Create a replica of your Prod AD structure in the Lab

I recently had a request to create a replica of the company AD structure in a lab environment for testing with a new software product.

The task involves the exporting and importing of the OUs and groups used in the production Active directory to the lab.

Of course doing this manually would take hours in a large environment and be prone to human error. I had a few issues creating the right structure to export because the DistinguishedName contains the name of the group it needs to be removed from the list. I’ve managed to do this with regex.

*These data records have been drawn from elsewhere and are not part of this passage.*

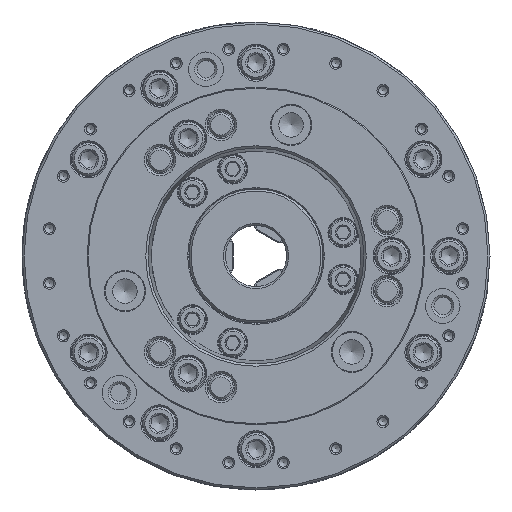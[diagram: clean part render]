
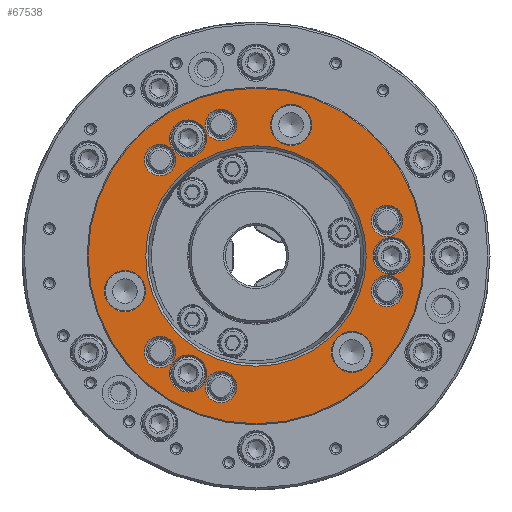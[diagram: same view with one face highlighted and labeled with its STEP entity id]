
A CAD part, left-side view. The second image highlights one B-rep face of the part: STEP entity #67538.
In plain terms, the highlighted planar face has unit normal (-1, 0, 0).
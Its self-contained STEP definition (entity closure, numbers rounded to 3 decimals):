
#695 = DIRECTION ( 'NONE',  ( 0., -0.866, 0.5 ) ) ;
#938 = ORIENTED_EDGE ( 'NONE', *, *, #96399, .F. ) ;
#1169 = FACE_OUTER_BOUND ( 'NONE', #68119, .T. ) ;
#1706 = FACE_BOUND ( 'NONE', #101027, .T. ) ;
#2371 = DIRECTION ( 'NONE',  ( -1., 0., 0. ) ) ;
#2765 = FACE_BOUND ( 'NONE', #103897, .T. ) ;
#3066 = DIRECTION ( 'NONE',  ( 0., 0., 1. ) ) ;
#3513 = VERTEX_POINT ( 'NONE', #67247 ) ;
#3589 = CARTESIAN_POINT ( 'NONE',  ( -110., 0., 0. ) ) ;
#3676 = DIRECTION ( 'NONE',  ( 0., 0., 1. ) ) ;
#4362 = DIRECTION ( 'NONE',  ( 0., 0., 1. ) ) ;
#5574 = CIRCLE ( 'NONE', #79829, 7.75 ) ;
#6825 = CARTESIAN_POINT ( 'NONE',  ( -110., -64.403, 17.257 ) ) ;
#7728 = VERTEX_POINT ( 'NONE', #65516 ) ;
#7999 = CARTESIAN_POINT ( 'NONE',  ( -110., -55.919, -42.081 ) ) ;
#9231 = DIRECTION ( 'NONE',  ( 0., 0., 1. ) ) ;
#9259 = CIRCLE ( 'NONE', #43703, 9.1 ) ;
#9608 = EDGE_CURVE ( 'NONE', #64714, #64714, #106566, .T. ) ;
#9818 = FACE_BOUND ( 'NONE', #87130, .T. ) ;
#11320 = ORIENTED_EDGE ( 'NONE', *, *, #74729, .F. ) ;
#11647 = EDGE_LOOP ( 'NONE', ( #97378 ) ) ;
#12324 = DIRECTION ( 'NONE',  ( -1., 0., 0. ) ) ;
#14077 = DIRECTION ( 'NONE',  ( -1., 0., 0. ) ) ;
#14361 = CIRCLE ( 'NONE', #21265, 82.5 ) ;
#16100 = EDGE_CURVE ( 'NONE', #81981, #81981, #70088, .T. ) ;
#16393 = VERTEX_POINT ( 'NONE', #23954 ) ;
#17582 = EDGE_LOOP ( 'NONE', ( #93160 ) ) ;
#17740 = CARTESIAN_POINT ( 'NONE',  ( -110., 64.403, -27.387 ) ) ;
#18452 = FACE_BOUND ( 'NONE', #43937, .T. ) ;
#19451 = CARTESIAN_POINT ( 'NONE',  ( -110., 33.338, 66.842 ) ) ;
#19881 = EDGE_CURVE ( 'NONE', #45030, #45030, #36125, .T. ) ;
#20870 = AXIS2_PLACEMENT_3D ( 'NONE', #39531, #56303, #38481 ) ;
#21265 = AXIS2_PLACEMENT_3D ( 'NONE', #3589, #77567, #3066 ) ;
#21874 = CARTESIAN_POINT ( 'NONE',  ( -110., -66.675, 0. ) ) ;
#21938 = AXIS2_PLACEMENT_3D ( 'NONE', #80831, #104605, #72203 ) ;
#23723 = CIRCLE ( 'NONE', #21938, 7.75 ) ;
#23954 = CARTESIAN_POINT ( 'NONE',  ( -110., 17.257, 72.153 ) ) ;
#24763 = VERTEX_POINT ( 'NONE', #33876 ) ;
#25248 = AXIS2_PLACEMENT_3D ( 'NONE', #99538, #43313, #695 ) ;
#25488 = FACE_BOUND ( 'NONE', #62116, .T. ) ;
#25735 = EDGE_CURVE ( 'NONE', #16393, #16393, #80370, .T. ) ;
#26598 = CARTESIAN_POINT ( 'NONE',  ( -110., -64.403, -9.507 ) ) ;
#27044 = ORIENTED_EDGE ( 'NONE', *, *, #19881, .F. ) ;
#27068 = DIRECTION ( 'NONE',  ( 1., 0., 0. ) ) ;
#27102 = EDGE_LOOP ( 'NONE', ( #32492 ) ) ;
#28330 = CARTESIAN_POINT ( 'NONE',  ( -110., 47.146, 54.896 ) ) ;
#28695 = EDGE_CURVE ( 'NONE', #57382, #57382, #58014, .T. ) ;
#30385 = EDGE_CURVE ( 'NONE', #7728, #7728, #32700, .T. ) ;
#31105 = AXIS2_PLACEMENT_3D ( 'NONE', #33602, #59551, #49809 ) ;
#32081 = CIRCLE ( 'NONE', #101083, 10.13 ) ;
#32492 = ORIENTED_EDGE ( 'NONE', *, *, #63364, .F. ) ;
#32519 = EDGE_CURVE ( 'NONE', #58454, #58454, #23723, .T. ) ;
#32700 = CIRCLE ( 'NONE', #46463, 7.75 ) ;
#32870 = CARTESIAN_POINT ( 'NONE',  ( -110., 64.403, -17.257 ) ) ;
#33602 = CARTESIAN_POINT ( 'NONE',  ( -110., 47.146, -47.146 ) ) ;
#33876 = CARTESIAN_POINT ( 'NONE',  ( -110., 47.146, -39.396 ) ) ;
#33879 = VERTEX_POINT ( 'NONE', #17740 ) ;
#35148 = FACE_BOUND ( 'NONE', #11647, .T. ) ;
#35805 = CARTESIAN_POINT ( 'NONE',  ( -110., 0., 0. ) ) ;
#36125 = CIRCLE ( 'NONE', #20870, 7.75 ) ;
#36156 = CIRCLE ( 'NONE', #94812, 9.1 ) ;
#36269 = VERTEX_POINT ( 'NONE', #78396 ) ;
#36945 = EDGE_LOOP ( 'NONE', ( #101900 ) ) ;
#37187 = VERTEX_POINT ( 'NONE', #19451 ) ;
#37647 = ORIENTED_EDGE ( 'NONE', *, *, #38820, .F. ) ;
#37883 = DIRECTION ( 'NONE',  ( 0., 0., 1. ) ) ;
#38481 = DIRECTION ( 'NONE',  ( 0., 0., 1. ) ) ;
#38820 = EDGE_CURVE ( 'NONE', #36269, #36269, #95493, .T. ) ;
#39014 = CARTESIAN_POINT ( 'NONE',  ( -110., -8.484, 69.468 ) ) ;
#39531 = CARTESIAN_POINT ( 'NONE',  ( -110., 47.146, 47.146 ) ) ;
#39718 = DIRECTION ( 'NONE',  ( 0., 0., 1. ) ) ;
#41999 = ORIENTED_EDGE ( 'NONE', *, *, #30385, .F. ) ;
#42178 = FACE_BOUND ( 'NONE', #67511, .T. ) ;
#42515 = AXIS2_PLACEMENT_3D ( 'NONE', #45446, #86542, #43875 ) ;
#43256 = FACE_BOUND ( 'NONE', #69552, .T. ) ;
#43313 = DIRECTION ( 'NONE',  ( 1., 0., 0. ) ) ;
#43642 = AXIS2_PLACEMENT_3D ( 'NONE', #21874, #54778, #105019 ) ;
#43703 = AXIS2_PLACEMENT_3D ( 'NONE', #59965, #83204, #9231 ) ;
#43785 = FACE_BOUND ( 'NONE', #79996, .T. ) ;
#43875 = DIRECTION ( 'NONE',  ( 0., 0.866, 0.5 ) ) ;
#43916 = DIRECTION ( 'NONE',  ( 0., 0., 1. ) ) ;
#43937 = EDGE_LOOP ( 'NONE', ( #76658 ) ) ;
#45030 = VERTEX_POINT ( 'NONE', #28330 ) ;
#45446 = CARTESIAN_POINT ( 'NONE',  ( -110., -17.257, 64.403 ) ) ;
#46463 = AXIS2_PLACEMENT_3D ( 'NONE', #6825, #98115, #39718 ) ;
#49591 = DIRECTION ( 'NONE',  ( 0., 0., -1. ) ) ;
#49809 = DIRECTION ( 'NONE',  ( 0., 0., 1. ) ) ;
#50089 = CIRCLE ( 'NONE', #31105, 7.75 ) ;
#51923 = EDGE_CURVE ( 'NONE', #96195, #96195, #5574, .T. ) ;
#54778 = DIRECTION ( 'NONE',  ( -1., 0., 0. ) ) ;
#55161 = DIRECTION ( 'NONE',  ( -1., 0., 0. ) ) ;
#56303 = DIRECTION ( 'NONE',  ( -1., 0., 0. ) ) ;
#57382 = VERTEX_POINT ( 'NONE', #39014 ) ;
#58014 = CIRCLE ( 'NONE', #42515, 10.13 ) ;
#58331 = CARTESIAN_POINT ( 'NONE',  ( -110., 17.257, -56.653 ) ) ;
#58393 = FACE_BOUND ( 'NONE', #27102, .T. ) ;
#58454 = VERTEX_POINT ( 'NONE', #26598 ) ;
#59551 = DIRECTION ( 'NONE',  ( -1., 0., 0. ) ) ;
#59965 = CARTESIAN_POINT ( 'NONE',  ( -110., 33.338, 57.742 ) ) ;
#62116 = EDGE_LOOP ( 'NONE', ( #85185 ) ) ;
#62440 = ORIENTED_EDGE ( 'NONE', *, *, #32519, .F. ) ;
#62668 = CARTESIAN_POINT ( 'NONE',  ( -110., 33.337, -57.742 ) ) ;
#63364 = EDGE_CURVE ( 'NONE', #37187, #37187, #9259, .T. ) ;
#64714 = VERTEX_POINT ( 'NONE', #84531 ) ;
#65516 = CARTESIAN_POINT ( 'NONE',  ( -110., -64.403, 25.007 ) ) ;
#65851 = DIRECTION ( 'NONE',  ( 1., 0., 0. ) ) ;
#66576 = AXIS2_PLACEMENT_3D ( 'NONE', #80016, #55161, #37883 ) ;
#67247 = CARTESIAN_POINT ( 'NONE',  ( -110., 33.337, -48.642 ) ) ;
#67511 = EDGE_LOOP ( 'NONE', ( #37647 ) ) ;
#67538 = ADVANCED_FACE ( 'NONE', ( #75693, #43256, #92448, #25488, #18452, #1706, #58393, #76229, #2765, #9818, #42178, #35148, #1169, #43785 ), #68092, .F. ) ;
#67909 = VERTEX_POINT ( 'NONE', #85223 ) ;
#68092 = PLANE ( 'NONE',  #103410 ) ;
#68119 = EDGE_LOOP ( 'NONE', ( #96940 ) ) ;
#69552 = EDGE_LOOP ( 'NONE', ( #97905 ) ) ;
#70088 = CIRCLE ( 'NONE', #25248, 10.13 ) ;
#72203 = DIRECTION ( 'NONE',  ( 0., 0., 1. ) ) ;
#74729 = EDGE_CURVE ( 'NONE', #24763, #24763, #50089, .T. ) ;
#75693 = FACE_BOUND ( 'NONE', #36945, .T. ) ;
#76229 = FACE_BOUND ( 'NONE', #17582, .T. ) ;
#76658 = ORIENTED_EDGE ( 'NONE', *, *, #25735, .F. ) ;
#77567 = DIRECTION ( 'NONE',  ( -1., 0., 0. ) ) ;
#78396 = CARTESIAN_POINT ( 'NONE',  ( -110., -66.675, 9.1 ) ) ;
#79829 = AXIS2_PLACEMENT_3D ( 'NONE', #92827, #12324, #3676 ) ;
#79996 = EDGE_LOOP ( 'NONE', ( #27044 ) ) ;
#80016 = CARTESIAN_POINT ( 'NONE',  ( -110., 17.257, 64.403 ) ) ;
#80370 = CIRCLE ( 'NONE', #66576, 7.75 ) ;
#80831 = CARTESIAN_POINT ( 'NONE',  ( -110., -64.403, -17.257 ) ) ;
#81981 = VERTEX_POINT ( 'NONE', #7999 ) ;
#83197 = EDGE_CURVE ( 'NONE', #67909, #67909, #14361, .T. ) ;
#83204 = DIRECTION ( 'NONE',  ( -1., 0., 0. ) ) ;
#84531 = CARTESIAN_POINT ( 'NONE',  ( -110., 0., 54.189 ) ) ;
#85185 = ORIENTED_EDGE ( 'NONE', *, *, #51923, .F. ) ;
#85223 = CARTESIAN_POINT ( 'NONE',  ( -110., 0., 82.5 ) ) ;
#85852 = AXIS2_PLACEMENT_3D ( 'NONE', #35805, #2371, #43916 ) ;
#86542 = DIRECTION ( 'NONE',  ( 1., 0., 0. ) ) ;
#87130 = EDGE_LOOP ( 'NONE', ( #41999 ) ) ;
#90853 = CARTESIAN_POINT ( 'NONE',  ( -110., 82.5, 0. ) ) ;
#92448 = FACE_BOUND ( 'NONE', #101520, .T. ) ;
#92827 = CARTESIAN_POINT ( 'NONE',  ( -110., 17.257, -64.403 ) ) ;
#92982 = DIRECTION ( 'NONE',  ( 0., 0., -1. ) ) ;
#93160 = ORIENTED_EDGE ( 'NONE', *, *, #102624, .T. ) ;
#94812 = AXIS2_PLACEMENT_3D ( 'NONE', #62668, #14077, #4362 ) ;
#95493 = CIRCLE ( 'NONE', #43642, 9.1 ) ;
#96195 = VERTEX_POINT ( 'NONE', #58331 ) ;
#96399 = EDGE_CURVE ( 'NONE', #3513, #3513, #36156, .T. ) ;
#96940 = ORIENTED_EDGE ( 'NONE', *, *, #83197, .T. ) ;
#97378 = ORIENTED_EDGE ( 'NONE', *, *, #9608, .F. ) ;
#97905 = ORIENTED_EDGE ( 'NONE', *, *, #16100, .T. ) ;
#98115 = DIRECTION ( 'NONE',  ( -1., 0., 0. ) ) ;
#99538 = CARTESIAN_POINT ( 'NONE',  ( -110., -47.146, -47.146 ) ) ;
#101027 = EDGE_LOOP ( 'NONE', ( #938 ) ) ;
#101083 = AXIS2_PLACEMENT_3D ( 'NONE', #32870, #65851, #49591 ) ;
#101520 = EDGE_LOOP ( 'NONE', ( #11320 ) ) ;
#101900 = ORIENTED_EDGE ( 'NONE', *, *, #28695, .T. ) ;
#102624 = EDGE_CURVE ( 'NONE', #33879, #33879, #32081, .T. ) ;
#103410 = AXIS2_PLACEMENT_3D ( 'NONE', #90853, #27068, #92982 ) ;
#103897 = EDGE_LOOP ( 'NONE', ( #62440 ) ) ;
#104605 = DIRECTION ( 'NONE',  ( -1., 0., 0. ) ) ;
#105019 = DIRECTION ( 'NONE',  ( 0., 0., 1. ) ) ;
#106566 = CIRCLE ( 'NONE', #85852, 54.189 ) ;

To export the list of OUs I created the following. Essentially it builds a list of the OUs using the Get-ADOrganizationalUnit command. Next I use a foreach loop to isolate the values line by line and remove the first part of the DistinguishedName value that contains the OU name. Lastly, I use the New-Object command to create a hash table with the values I want and export this to a csv file.

import-module activedirectory 
$OUlist = Get-ADOrganizationalUnit -Filter * | select name,DistinguishedName

foreach ($OU in $OUlist){
$name = $OU | Select-Object -ExpandProperty name 
$DistinguishedName = $OU | Select-Object @{ Name = "ParentOU"; Expression = {[regex]::Match($_.distinguishedname,",(.*)").Groups[1].Value}}
$DistinguishedName = $DistinguishedName.ParentOU

New-Object -TypeName psobject -Property @{
name = $name
ParentOU = $DistinguishedName 
} | Select-Object name,ParentOU | Export-csv -path C:\temp\ADOrganizationalUnitsexport.csv -NoTypeInformation -Append}

The CSV file can now be copied from the production environment to the lab environment. If you have a different domain name in your lab than your production, simply open the exported file in notepad and use the Replace function to resolve this.

Once you’ve copied the export file to the lab use the following foreach loop to create all the OUs taking advantage of the New-ADOrganizationalUnit command.

import-module activedirectory 
$OUlist = import-csv C:\temp\ADOrganizationalUnitsexport.csv

foreach ($OU in $OUlist) 
{
        Try {
        Write-Host "Processing OU Object " $OU.name
        New-ADOrganizationalUnit -Name $OU.name -Path $OU.ParentOU
        }
        Catch {
        Write-Host "Already exists or error found..:" $_ -ForegroundColor Red
        }
}

Great this worked! Now let’s try the same thing with AD groups using the Get-ADgroup command.

Import-Module ActiveDirectory 
$grouplist = Get-ADgroup -Filter * -Properties groupscope,description,DistinguishedName| select samaccountname,groupscope,description,DistinguishedName | Sort-Object -Property Name

foreach ($group in $grouplist){
$name = $group | Select-Object -ExpandProperty samaccountname 
$groupscope = $group | Select-Object -ExpandProperty groupscope
$description = $group | Select-Object -ExpandProperty description
$DistinguishedName = $group | Select-Object @{ Name = "ParentOU"; Expression = {[regex]::Match($_.distinguishedname,",(.*)").Groups[1].Value}}
$DistinguishedName = $DistinguishedName.ParentOU

New-Object -TypeName psobject -Property @{
samaccountname = $name
groupscope = $groupscope
description = $description
ParentOU = $DistinguishedName
} | Select-Object samaccountname,groupscope,description,ParentOU | Export-csv -path C:\temp\ADGroups.csv -NoTypeInformation -Append}

Copy the export the same as before to the lab. Now it’s time to create the groups in the lab. This is gone with a new-adgroup.

$groups=Import-csv C:\temp\ADGroups.csv

ForEach($group In $groups){
Try {
New-ADGroup -Name $group.samaccountname -GroupScope $group.Groupscope -Path $group.ParentOU -description $group.description 
}
catch {
Write-Host "Group $($Group.samaccountname) was not created!" $Error[0]
}
}

That’s it. The OU and AD groups are now replicated in the lab. The export CSV can now be removed or stored somewhere else as a temple.